Answer: (a) 2.0 kg(m/s) (b) 15.8 x 10^2 N

My approach....
(a) Impulse = velocity x change in mass = (0.045 kg)(45 m/s) = 2.0 kg(m/s) Got the first part.
(b) To get the average force would I not take impulse divided by time? 2.0/3.5 x 10^-3 = 571... but the answer is 15.8. x 10^2

----

Elastic Collisions
2) A 0.450 kg ice puck, moving east with a speed of 3.0 m/s has a head on collision with a 0.900 kg puck intially at rest.
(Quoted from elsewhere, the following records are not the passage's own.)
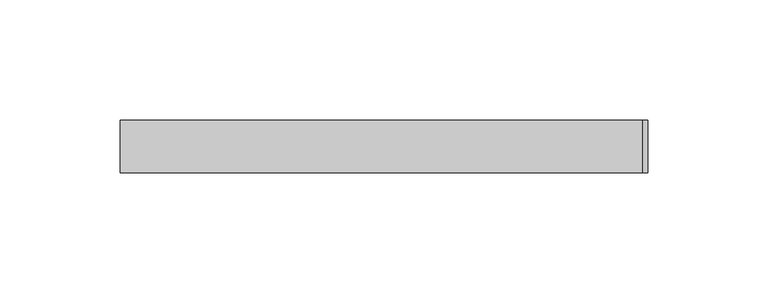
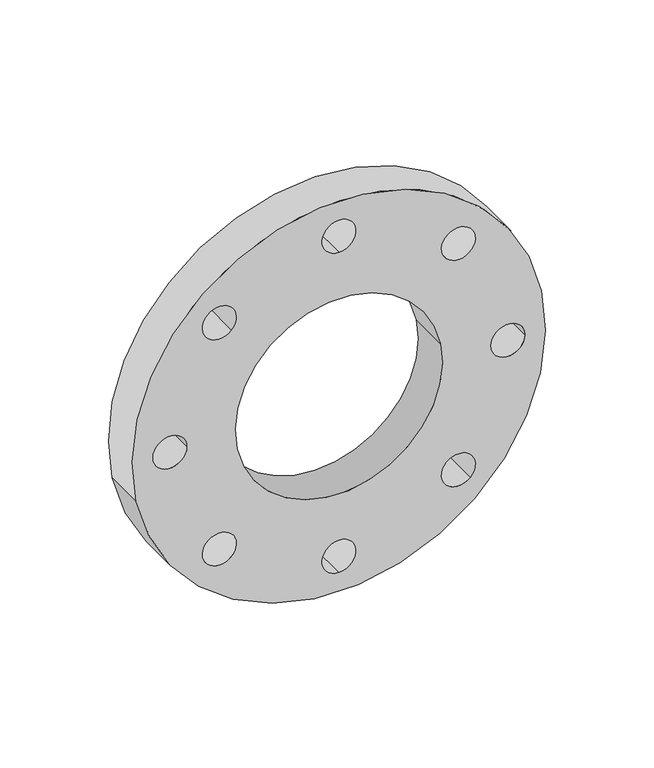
"""IFC4 building model written with IfcOpenShell, lengths in millimetres: pipe fitting geometry, 01051019 : Bridas."""

from ifc_helpers import new_model, si_unit, point, frame, frame_2d, origin, origin_2d, place, context, project, spatial, circle_curve, trimmed, segment, composite_curve, outline, extrude, source, transform, mapped, element, save


def pipe_fitting_cc5da2c5(model_context):
    return source(origin(), model_context, "Body", "SweptSolid", [
        extrude(outline(composite_curve([segment(trimmed(circle_curve(origin_2d(), 110.0), [point((-21.4599354, -107.8863808))], [point((21.4599354, 107.8863808))], False, "CARTESIAN"), True, "CONTINUOUS"), segment(trimmed(circle_curve(origin_2d(), 110.0), [point((21.4599354, 107.8863808))], [point((-21.4599354, -107.8863808))], False, "CARTESIAN"), True, "CONTINUOUS")], self_intersect=False), holes=[composite_curve([segment(trimmed(circle_curve(origin_2d(), 55.0), [point((-10.7299677, -53.9431904))], [point((10.7299677, 53.9431904))], True, "CARTESIAN"), True, "CONTINUOUS"), segment(trimmed(circle_curve(origin_2d(), 55.0), [point((10.7299677, 53.9431904))], [point((-10.7299677, -53.9431904))], True, "CARTESIAN"), True, "CONTINUOUS")], self_intersect=False), composite_curve([segment(trimmed(circle_curve(frame_2d((0.0, -90.0)), 9.0), [point((0.0, -81.0))], [point((0.0, -99.0))], True, "CARTESIAN"), True, "CONTINUOUS"), segment(trimmed(circle_curve(frame_2d((0.0, -90.0)), 9.0), [point((0.0, -99.0))], [point((0.0, -81.0))], True, "CARTESIAN"), True, "CONTINUOUS")], self_intersect=False), composite_curve([segment(trimmed(circle_curve(frame_2d((63.6396103, -63.6396103)), 9.0), [point((57.2756493, -57.2756493))], [point((70.0035713, -70.0035713))], True, "CARTESIAN"), True, "CONTINUOUS"), segment(trimmed(circle_curve(frame_2d((63.6396103, -63.6396103)), 9.0), [point((70.0035713, -70.0035713))], [point((57.2756493, -57.2756493))], True, "CARTESIAN"), True, "CONTINUOUS")], self_intersect=False), composite_curve([segment(trimmed(circle_curve(frame_2d((-63.6396103, -63.6396103)), 9.0), [point((-57.2756493, -57.2756493))], [point((-70.0035713, -70.0035713))], True, "CARTESIAN"), True, "CONTINUOUS"), segment(trimmed(circle_curve(frame_2d((-63.6396103, -63.6396103)), 9.0), [point((-70.0035713, -70.0035713))], [point((-57.2756493, -57.2756493))], True, "CARTESIAN"), True, "CONTINUOUS")], self_intersect=False), composite_curve([segment(trimmed(circle_curve(frame_2d((-90.0, 0.0)), 9.0), [point((-81.0, 0.0))], [point((-99.0, 0.0))], True, "CARTESIAN"), True, "CONTINUOUS"), segment(trimmed(circle_curve(frame_2d((-90.0, 0.0)), 9.0), [point((-99.0, 0.0))], [point((-81.0, 0.0))], True, "CARTESIAN"), True, "CONTINUOUS")], self_intersect=False), composite_curve([segment(trimmed(circle_curve(frame_2d((-63.6396103, 63.6396103)), 9.0), [point((-57.2756493, 57.2756493))], [point((-70.0035713, 70.0035713))], True, "CARTESIAN"), True, "CONTINUOUS"), segment(trimmed(circle_curve(frame_2d((-63.6396103, 63.6396103)), 9.0), [point((-70.0035713, 70.0035713))], [point((-57.2756493, 57.2756493))], True, "CARTESIAN"), True, "CONTINUOUS")], self_intersect=False), composite_curve([segment(trimmed(circle_curve(frame_2d((0.0, 90.0)), 9.0), [point((0.0, 81.0))], [point((0.0, 99.0))], True, "CARTESIAN"), True, "CONTINUOUS"), segment(trimmed(circle_curve(frame_2d((0.0, 90.0)), 9.0), [point((0.0, 99.0))], [point((0.0, 81.0))], True, "CARTESIAN"), True, "CONTINUOUS")], self_intersect=False), composite_curve([segment(trimmed(circle_curve(frame_2d((63.6396103, 63.6396103)), 9.0), [point((57.2756493, 57.2756493))], [point((70.0035713, 70.0035713))], True, "CARTESIAN"), True, "CONTINUOUS"), segment(trimmed(circle_curve(frame_2d((63.6396103, 63.6396103)), 9.0), [point((70.0035713, 70.0035713))], [point((57.2756493, 57.2756493))], True, "CARTESIAN"), True, "CONTINUOUS")], self_intersect=False), composite_curve([segment(trimmed(circle_curve(frame_2d((90.0, 0.0)), 9.0), [point((81.0, 0.0))], [point((99.0, 0.0))], True, "CARTESIAN"), True, "CONTINUOUS"), segment(trimmed(circle_curve(frame_2d((90.0, 0.0)), 9.0), [point((99.0, 0.0))], [point((81.0, 0.0))], True, "CARTESIAN"), True, "CONTINUOUS")], self_intersect=False)]), frame((0.0, -11.0, 0.0), z_axis=(0.0, 1.0, 0.0), x_axis=(0.0, 0.0, 1.0)), (0.0, 0.0, 1.0), 22.0),
    ])


if __name__ == "__main__":
    model = new_model("IFC4")
    model_context = context("Model", 3, world=origin())
    ifc_project = project(units=[si_unit("LENGTHUNIT", "METRE", prefix="MILLI")], contexts=[model_context])
    site = spatial("IfcSite", under=ifc_project)
    building = spatial("IfcBuilding", under=site)
    placement = place(None, origin())
    pipe_fitting_shape = pipe_fitting_cc5da2c5(model_context)
    element("IfcPipeFitting", 1, ObjectType="01051019 : Bridas", at=placement, inside=building, context=model_context, shape_type="MappedRepresentation", body=[
        mapped(pipe_fitting_shape, transform((0.0, 0.0, 0.0), x_axis=(1.0, 0.0, 0.0), y_axis=(0.0, 1.0, 0.0), z_axis=(0.0, 0.0, 1.0))),
    ])
    save(model, "model.ifc")

Assuming a perfectly elastic collision what will be the speed and direction of each object after the collision?
Answer: 1.00 m/s W & 2.00 m/s E

My thoughts were to just use the momentume formula...
(.5)(.450kg)(3 m/s) + (.5)(.900 kg)(0) = (.5)(.450kg)(v) + (.5)(.900 kg)(v)
But how do I determine it with two unknowns?

---

Inelastic Collisions
3) A 920 kg sports car collides into the rear end of a 2300 kg SUV stopped at a red light. The bumber's lock, the brakes are locked, and the two cars skid forward 2.8 m before stopping. The police officer, knowing that the coeffiecent of kinetic friction b/t tires and road is 0.80 calculates the speed of the sports car at impact. What was that speed?
Answer: 23 m/s

Again I was going to use the same approach... but I had no speeds. Please someone help...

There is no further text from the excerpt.